Understanding NVFP4's Innovations
NVFP4 introduces three core changes to the microscaling format. The block size has been reduced from 32 to 16 elements, allowing for a narrower dynamic range that each scale factor covers. Additionally, NVFP4 uses E4M3 for block scale factors, focusing on mantissa precision over exponent range. This adjustment ensures that maximum values within each block can be mapped closer to the highest representable values in FP4 precision. Lastly, NVFP4 adds a second scaling level, an FP32 per-tensor scale, which keeps the block scales within range.
These advancements enable NVFP4 to achieve remarkable performance on NVIDIA Blackwell, yielding throughput speeds of up to 4× over BF16 on the GB200 and 6× on the GB300. This means approximately double the speed of FP8 while halving the operand memory footprint.
Training Methodology and Stability
NVIDIA also outlined a four-part training methodology essential for effectively using NVFP4. An initial attempt to quantize all linear-layer GEMMs to NVFP4 led to early divergence during training. The team pinpointed four key components to stabilize the training process:
- Selective High Precision: Keeping linear layers in BF16 for the first two and final eight of the 62 blocks ensures sufficient dynamic range during training.

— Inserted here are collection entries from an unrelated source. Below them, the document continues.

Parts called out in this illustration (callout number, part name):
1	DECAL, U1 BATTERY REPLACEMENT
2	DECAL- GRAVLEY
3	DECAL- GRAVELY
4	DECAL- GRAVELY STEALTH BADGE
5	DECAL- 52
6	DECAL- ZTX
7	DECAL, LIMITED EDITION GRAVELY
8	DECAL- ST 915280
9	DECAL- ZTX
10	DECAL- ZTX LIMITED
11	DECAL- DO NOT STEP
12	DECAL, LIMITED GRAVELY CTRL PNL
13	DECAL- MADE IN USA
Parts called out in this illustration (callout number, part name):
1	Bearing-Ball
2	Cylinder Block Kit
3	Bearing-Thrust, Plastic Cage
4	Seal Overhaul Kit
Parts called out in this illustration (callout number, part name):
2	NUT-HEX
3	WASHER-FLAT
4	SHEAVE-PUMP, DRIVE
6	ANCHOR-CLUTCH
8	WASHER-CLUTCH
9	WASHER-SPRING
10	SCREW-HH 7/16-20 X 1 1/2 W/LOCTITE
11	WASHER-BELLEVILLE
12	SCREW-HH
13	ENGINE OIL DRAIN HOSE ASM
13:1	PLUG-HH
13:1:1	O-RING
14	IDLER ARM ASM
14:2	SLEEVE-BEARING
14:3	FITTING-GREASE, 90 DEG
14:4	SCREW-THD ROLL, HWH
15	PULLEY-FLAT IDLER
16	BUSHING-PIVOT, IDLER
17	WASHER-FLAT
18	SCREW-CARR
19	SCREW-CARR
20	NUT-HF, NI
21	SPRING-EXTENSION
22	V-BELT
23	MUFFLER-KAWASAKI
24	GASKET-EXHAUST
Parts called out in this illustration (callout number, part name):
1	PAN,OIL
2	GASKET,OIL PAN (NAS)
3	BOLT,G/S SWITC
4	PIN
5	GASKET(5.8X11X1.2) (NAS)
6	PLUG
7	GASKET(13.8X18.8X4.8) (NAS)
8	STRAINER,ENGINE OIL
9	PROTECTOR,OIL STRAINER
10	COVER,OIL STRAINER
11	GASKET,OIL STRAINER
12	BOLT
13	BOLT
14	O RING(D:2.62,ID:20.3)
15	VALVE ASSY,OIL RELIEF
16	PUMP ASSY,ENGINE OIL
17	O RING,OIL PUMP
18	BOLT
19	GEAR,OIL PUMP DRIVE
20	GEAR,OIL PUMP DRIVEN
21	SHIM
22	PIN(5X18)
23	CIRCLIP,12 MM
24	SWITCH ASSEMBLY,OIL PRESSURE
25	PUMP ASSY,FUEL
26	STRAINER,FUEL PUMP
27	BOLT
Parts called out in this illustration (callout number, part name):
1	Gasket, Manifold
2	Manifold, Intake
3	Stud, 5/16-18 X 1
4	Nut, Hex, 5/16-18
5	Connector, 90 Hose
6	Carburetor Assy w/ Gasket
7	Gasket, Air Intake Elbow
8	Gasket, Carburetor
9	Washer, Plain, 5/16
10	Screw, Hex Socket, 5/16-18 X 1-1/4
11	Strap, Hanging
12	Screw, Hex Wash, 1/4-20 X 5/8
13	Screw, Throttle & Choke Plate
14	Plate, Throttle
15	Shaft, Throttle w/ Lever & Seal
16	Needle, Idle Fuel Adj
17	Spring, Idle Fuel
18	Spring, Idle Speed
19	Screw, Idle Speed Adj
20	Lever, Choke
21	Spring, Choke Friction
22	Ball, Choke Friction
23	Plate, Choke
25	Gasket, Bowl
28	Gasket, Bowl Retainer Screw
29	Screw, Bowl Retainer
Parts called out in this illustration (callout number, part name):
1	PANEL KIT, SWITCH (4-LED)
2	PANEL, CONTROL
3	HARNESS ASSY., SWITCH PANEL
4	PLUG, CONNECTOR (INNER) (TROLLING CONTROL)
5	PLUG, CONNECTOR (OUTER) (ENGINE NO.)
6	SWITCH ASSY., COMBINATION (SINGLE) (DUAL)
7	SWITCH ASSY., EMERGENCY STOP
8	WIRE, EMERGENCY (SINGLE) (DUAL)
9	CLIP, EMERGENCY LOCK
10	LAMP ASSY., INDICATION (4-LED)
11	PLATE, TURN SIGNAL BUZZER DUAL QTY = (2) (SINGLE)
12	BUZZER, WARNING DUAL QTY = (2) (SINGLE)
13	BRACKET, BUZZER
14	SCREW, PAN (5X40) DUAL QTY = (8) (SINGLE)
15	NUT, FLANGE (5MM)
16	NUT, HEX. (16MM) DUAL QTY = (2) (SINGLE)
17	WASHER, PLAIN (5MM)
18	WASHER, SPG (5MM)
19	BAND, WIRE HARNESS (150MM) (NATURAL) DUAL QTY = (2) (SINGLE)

- Random Hadamard Transforms (RHT): This technique spreads outliers in weight gradients, promoting a more Gaussian distribution and thus improving convergence. The choice of a d=16 size for RHT positively impacted the training outcomes.
With these techniques, NVIDIA shows that a significant portion of values in each NVFP4 block can achieve near-FP8 precision, while others remain in FP4. This balance is essential for maintaining stability throughout the training process.
Implications for the Future of AI
The introduction of NVFP4 and its training methodology not only boosts the computational efficiency of training large language models but also sets a standard for future research in quantization techniques. As AI models grow more complex, advancements like these will be critical in ensuring that performance does not sacrifice resource efficiency. The impact of this research reaches beyond NVIDIA, potentially shaping the broader field of AI infrastructure and leading to more efficient training methodologies across the industry.